Lines from the start of the data through the line containing "from ifc_helpers import" must be given again exactly. Leave the others out.

→ RECORD SET:
#####

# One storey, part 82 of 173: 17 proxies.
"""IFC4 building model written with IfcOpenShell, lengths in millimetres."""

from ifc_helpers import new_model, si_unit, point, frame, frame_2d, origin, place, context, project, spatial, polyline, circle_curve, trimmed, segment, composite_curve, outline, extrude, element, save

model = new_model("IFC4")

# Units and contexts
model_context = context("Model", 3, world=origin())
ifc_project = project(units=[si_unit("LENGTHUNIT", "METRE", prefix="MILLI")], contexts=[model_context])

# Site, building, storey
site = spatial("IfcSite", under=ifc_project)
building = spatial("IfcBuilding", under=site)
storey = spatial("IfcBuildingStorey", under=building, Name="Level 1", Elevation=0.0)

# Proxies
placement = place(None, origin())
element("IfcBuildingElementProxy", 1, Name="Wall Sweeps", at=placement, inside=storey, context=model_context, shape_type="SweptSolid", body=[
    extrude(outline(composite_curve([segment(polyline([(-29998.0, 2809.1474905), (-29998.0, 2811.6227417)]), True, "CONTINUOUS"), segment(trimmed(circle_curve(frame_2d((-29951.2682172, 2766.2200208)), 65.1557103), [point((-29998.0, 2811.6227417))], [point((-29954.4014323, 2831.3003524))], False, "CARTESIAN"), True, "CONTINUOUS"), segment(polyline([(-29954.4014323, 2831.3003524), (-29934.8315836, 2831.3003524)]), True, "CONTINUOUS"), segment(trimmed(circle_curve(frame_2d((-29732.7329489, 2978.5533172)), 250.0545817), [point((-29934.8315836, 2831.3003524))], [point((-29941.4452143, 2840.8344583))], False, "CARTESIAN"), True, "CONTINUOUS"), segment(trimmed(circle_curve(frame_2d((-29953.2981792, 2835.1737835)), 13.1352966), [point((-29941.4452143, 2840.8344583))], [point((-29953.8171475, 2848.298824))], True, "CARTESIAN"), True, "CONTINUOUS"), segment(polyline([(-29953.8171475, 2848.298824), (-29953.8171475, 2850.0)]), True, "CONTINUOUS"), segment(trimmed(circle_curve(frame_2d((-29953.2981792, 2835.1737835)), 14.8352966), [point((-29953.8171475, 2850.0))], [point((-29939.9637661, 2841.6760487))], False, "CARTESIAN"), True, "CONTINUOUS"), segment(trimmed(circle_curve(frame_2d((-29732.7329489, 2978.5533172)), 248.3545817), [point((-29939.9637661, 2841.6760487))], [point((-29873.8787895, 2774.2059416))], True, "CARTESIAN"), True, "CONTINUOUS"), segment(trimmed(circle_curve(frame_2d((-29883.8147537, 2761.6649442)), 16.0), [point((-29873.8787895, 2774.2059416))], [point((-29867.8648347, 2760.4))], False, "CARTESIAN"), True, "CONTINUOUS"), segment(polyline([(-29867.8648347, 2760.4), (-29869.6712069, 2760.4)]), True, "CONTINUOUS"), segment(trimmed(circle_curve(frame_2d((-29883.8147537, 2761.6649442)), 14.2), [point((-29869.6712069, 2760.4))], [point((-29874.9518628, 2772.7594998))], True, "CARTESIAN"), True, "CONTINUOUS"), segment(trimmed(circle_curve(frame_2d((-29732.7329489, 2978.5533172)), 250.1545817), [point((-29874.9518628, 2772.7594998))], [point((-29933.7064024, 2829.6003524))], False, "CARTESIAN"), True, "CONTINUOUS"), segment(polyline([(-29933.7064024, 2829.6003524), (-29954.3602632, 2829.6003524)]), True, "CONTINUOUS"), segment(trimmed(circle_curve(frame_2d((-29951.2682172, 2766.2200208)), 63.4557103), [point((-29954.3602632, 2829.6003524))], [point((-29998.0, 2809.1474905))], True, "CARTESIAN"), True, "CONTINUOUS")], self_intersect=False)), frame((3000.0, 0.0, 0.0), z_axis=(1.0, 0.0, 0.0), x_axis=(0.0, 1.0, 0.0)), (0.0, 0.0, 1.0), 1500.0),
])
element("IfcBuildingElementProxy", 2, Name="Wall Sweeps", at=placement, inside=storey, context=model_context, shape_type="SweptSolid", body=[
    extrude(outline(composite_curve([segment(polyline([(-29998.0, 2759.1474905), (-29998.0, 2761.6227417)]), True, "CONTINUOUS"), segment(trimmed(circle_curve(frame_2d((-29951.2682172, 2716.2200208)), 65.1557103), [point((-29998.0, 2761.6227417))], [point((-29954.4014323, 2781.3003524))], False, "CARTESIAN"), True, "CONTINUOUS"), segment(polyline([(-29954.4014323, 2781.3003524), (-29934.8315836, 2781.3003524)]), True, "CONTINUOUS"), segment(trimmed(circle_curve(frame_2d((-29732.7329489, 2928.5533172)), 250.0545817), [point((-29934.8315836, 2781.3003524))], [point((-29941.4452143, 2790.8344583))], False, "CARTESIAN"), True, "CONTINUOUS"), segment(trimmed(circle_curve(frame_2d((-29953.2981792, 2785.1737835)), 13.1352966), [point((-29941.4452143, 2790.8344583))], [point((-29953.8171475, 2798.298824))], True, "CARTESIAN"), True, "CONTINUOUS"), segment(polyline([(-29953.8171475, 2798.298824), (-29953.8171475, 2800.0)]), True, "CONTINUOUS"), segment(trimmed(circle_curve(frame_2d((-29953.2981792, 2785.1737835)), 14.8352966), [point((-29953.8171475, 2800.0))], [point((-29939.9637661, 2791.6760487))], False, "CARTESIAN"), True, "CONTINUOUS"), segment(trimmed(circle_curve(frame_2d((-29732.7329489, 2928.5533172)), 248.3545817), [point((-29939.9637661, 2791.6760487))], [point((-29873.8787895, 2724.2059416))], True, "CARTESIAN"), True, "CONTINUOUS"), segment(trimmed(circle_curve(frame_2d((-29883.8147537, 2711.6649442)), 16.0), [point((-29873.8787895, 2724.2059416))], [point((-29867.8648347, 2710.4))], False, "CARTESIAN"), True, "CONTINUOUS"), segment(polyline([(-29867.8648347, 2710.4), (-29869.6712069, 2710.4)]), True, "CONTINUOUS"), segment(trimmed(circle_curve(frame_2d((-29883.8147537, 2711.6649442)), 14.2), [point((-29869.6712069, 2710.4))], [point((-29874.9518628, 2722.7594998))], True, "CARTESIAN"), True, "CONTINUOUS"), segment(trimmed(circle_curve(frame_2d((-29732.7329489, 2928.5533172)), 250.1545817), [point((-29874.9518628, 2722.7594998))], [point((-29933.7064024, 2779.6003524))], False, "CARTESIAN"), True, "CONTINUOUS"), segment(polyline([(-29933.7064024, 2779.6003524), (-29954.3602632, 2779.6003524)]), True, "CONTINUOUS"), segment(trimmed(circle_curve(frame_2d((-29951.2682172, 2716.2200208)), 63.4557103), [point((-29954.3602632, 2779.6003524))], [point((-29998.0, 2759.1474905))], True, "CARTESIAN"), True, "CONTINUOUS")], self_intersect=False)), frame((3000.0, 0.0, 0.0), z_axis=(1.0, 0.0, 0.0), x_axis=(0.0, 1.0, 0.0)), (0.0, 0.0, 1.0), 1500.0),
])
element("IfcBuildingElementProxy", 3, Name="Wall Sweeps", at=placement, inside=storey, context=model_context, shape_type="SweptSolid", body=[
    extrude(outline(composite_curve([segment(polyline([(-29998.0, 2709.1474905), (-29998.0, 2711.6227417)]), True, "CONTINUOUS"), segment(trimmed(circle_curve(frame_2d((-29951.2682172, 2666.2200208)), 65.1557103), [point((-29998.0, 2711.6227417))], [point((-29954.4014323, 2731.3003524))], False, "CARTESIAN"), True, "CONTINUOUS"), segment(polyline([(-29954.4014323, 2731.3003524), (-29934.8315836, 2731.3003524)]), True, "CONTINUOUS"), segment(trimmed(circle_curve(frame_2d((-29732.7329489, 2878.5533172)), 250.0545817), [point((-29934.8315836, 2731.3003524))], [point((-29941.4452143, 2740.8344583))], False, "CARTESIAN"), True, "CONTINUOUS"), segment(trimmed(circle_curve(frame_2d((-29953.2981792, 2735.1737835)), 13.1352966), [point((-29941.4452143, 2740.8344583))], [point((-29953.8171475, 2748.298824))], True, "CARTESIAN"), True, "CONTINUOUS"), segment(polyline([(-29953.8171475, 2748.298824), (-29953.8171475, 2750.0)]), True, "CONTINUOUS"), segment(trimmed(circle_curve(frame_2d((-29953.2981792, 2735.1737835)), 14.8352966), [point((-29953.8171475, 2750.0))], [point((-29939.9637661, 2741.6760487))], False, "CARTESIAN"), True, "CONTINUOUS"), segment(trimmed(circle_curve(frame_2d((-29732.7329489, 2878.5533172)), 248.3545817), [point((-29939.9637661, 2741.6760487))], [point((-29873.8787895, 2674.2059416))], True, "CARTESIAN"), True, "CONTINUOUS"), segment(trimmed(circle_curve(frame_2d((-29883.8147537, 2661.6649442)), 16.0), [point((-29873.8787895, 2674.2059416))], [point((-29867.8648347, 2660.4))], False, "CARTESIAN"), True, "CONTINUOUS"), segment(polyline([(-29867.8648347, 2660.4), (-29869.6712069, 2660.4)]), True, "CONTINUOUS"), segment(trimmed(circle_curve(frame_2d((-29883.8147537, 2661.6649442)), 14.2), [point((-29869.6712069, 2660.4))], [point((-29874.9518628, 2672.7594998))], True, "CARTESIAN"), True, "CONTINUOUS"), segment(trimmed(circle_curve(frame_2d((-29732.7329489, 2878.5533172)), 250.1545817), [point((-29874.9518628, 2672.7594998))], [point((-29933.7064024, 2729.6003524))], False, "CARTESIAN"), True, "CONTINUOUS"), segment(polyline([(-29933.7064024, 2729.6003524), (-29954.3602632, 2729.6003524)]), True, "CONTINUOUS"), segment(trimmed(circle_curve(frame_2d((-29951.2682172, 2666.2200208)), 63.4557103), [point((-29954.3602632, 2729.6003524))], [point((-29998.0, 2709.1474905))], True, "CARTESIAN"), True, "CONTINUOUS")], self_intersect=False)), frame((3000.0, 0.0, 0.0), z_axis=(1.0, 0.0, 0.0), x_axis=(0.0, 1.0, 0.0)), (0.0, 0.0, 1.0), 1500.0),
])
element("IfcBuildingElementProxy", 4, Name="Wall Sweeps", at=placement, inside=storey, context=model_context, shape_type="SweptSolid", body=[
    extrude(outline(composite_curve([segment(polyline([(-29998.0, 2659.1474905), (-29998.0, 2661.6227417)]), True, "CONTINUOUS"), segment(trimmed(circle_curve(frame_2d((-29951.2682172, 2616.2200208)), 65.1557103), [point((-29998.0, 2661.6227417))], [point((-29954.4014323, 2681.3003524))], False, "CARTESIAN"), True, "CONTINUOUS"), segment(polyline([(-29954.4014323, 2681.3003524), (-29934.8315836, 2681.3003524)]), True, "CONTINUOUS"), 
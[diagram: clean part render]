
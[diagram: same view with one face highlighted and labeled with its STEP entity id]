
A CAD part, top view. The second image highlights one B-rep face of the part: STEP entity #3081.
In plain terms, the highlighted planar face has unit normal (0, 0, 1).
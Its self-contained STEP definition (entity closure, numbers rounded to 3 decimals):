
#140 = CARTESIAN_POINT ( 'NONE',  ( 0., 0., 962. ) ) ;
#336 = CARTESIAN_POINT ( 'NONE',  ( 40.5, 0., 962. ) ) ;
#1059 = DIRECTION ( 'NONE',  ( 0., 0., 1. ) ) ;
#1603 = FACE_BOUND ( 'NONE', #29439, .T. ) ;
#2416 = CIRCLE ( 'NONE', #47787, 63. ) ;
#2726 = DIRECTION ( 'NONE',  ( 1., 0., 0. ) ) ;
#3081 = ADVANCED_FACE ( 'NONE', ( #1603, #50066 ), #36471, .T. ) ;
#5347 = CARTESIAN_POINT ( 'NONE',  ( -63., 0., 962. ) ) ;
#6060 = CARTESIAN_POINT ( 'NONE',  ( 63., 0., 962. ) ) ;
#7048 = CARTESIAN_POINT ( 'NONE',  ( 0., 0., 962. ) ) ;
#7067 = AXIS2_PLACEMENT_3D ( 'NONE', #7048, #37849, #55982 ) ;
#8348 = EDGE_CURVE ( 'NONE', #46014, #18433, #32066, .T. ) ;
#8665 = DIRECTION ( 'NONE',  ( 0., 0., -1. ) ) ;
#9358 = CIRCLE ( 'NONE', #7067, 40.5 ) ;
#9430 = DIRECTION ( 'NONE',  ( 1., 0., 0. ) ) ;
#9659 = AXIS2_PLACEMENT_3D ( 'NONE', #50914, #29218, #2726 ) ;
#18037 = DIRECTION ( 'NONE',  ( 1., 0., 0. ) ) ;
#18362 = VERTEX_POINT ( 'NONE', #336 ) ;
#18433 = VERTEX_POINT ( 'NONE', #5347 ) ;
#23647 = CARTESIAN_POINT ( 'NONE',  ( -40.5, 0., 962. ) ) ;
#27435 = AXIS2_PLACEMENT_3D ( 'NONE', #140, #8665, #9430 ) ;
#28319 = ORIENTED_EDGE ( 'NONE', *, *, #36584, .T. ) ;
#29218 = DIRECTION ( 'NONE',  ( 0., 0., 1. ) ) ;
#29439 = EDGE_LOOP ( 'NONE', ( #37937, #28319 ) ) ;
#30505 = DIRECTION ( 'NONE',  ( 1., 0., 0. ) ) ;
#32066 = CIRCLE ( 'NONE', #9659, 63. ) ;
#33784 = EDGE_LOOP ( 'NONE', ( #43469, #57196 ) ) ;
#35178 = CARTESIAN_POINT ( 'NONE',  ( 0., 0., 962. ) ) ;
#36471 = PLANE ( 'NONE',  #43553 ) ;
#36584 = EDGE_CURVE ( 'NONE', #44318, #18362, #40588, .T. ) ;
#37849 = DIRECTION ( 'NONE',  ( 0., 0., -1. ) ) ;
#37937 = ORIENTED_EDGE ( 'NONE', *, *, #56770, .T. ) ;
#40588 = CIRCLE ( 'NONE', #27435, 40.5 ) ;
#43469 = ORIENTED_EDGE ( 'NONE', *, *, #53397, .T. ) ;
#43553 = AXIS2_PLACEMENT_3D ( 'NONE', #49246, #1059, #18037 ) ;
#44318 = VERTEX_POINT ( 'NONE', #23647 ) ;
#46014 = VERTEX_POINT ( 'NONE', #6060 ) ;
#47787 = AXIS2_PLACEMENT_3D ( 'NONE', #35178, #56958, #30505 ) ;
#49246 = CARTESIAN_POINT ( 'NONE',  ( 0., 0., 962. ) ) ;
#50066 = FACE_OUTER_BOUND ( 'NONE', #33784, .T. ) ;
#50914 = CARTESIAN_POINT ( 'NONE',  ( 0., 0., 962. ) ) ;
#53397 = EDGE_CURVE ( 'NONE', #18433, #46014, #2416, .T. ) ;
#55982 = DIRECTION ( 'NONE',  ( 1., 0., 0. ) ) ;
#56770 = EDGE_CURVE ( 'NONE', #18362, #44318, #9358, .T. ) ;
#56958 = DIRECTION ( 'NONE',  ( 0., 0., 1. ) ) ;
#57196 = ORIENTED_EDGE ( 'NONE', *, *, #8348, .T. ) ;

#####

→ WRITTEN REPLY:
# One storey, part 82 of 173: 17 proxies.
"""IFC4 building model written with IfcOpenShell, lengths in millimetres."""

from ifc_helpers import new_model, si_unit, point, frame, frame_2d, origin, place, context, project, spatial, polyline, circle_curve, trimmed, segment, composite_curve, outline, extrude, element, save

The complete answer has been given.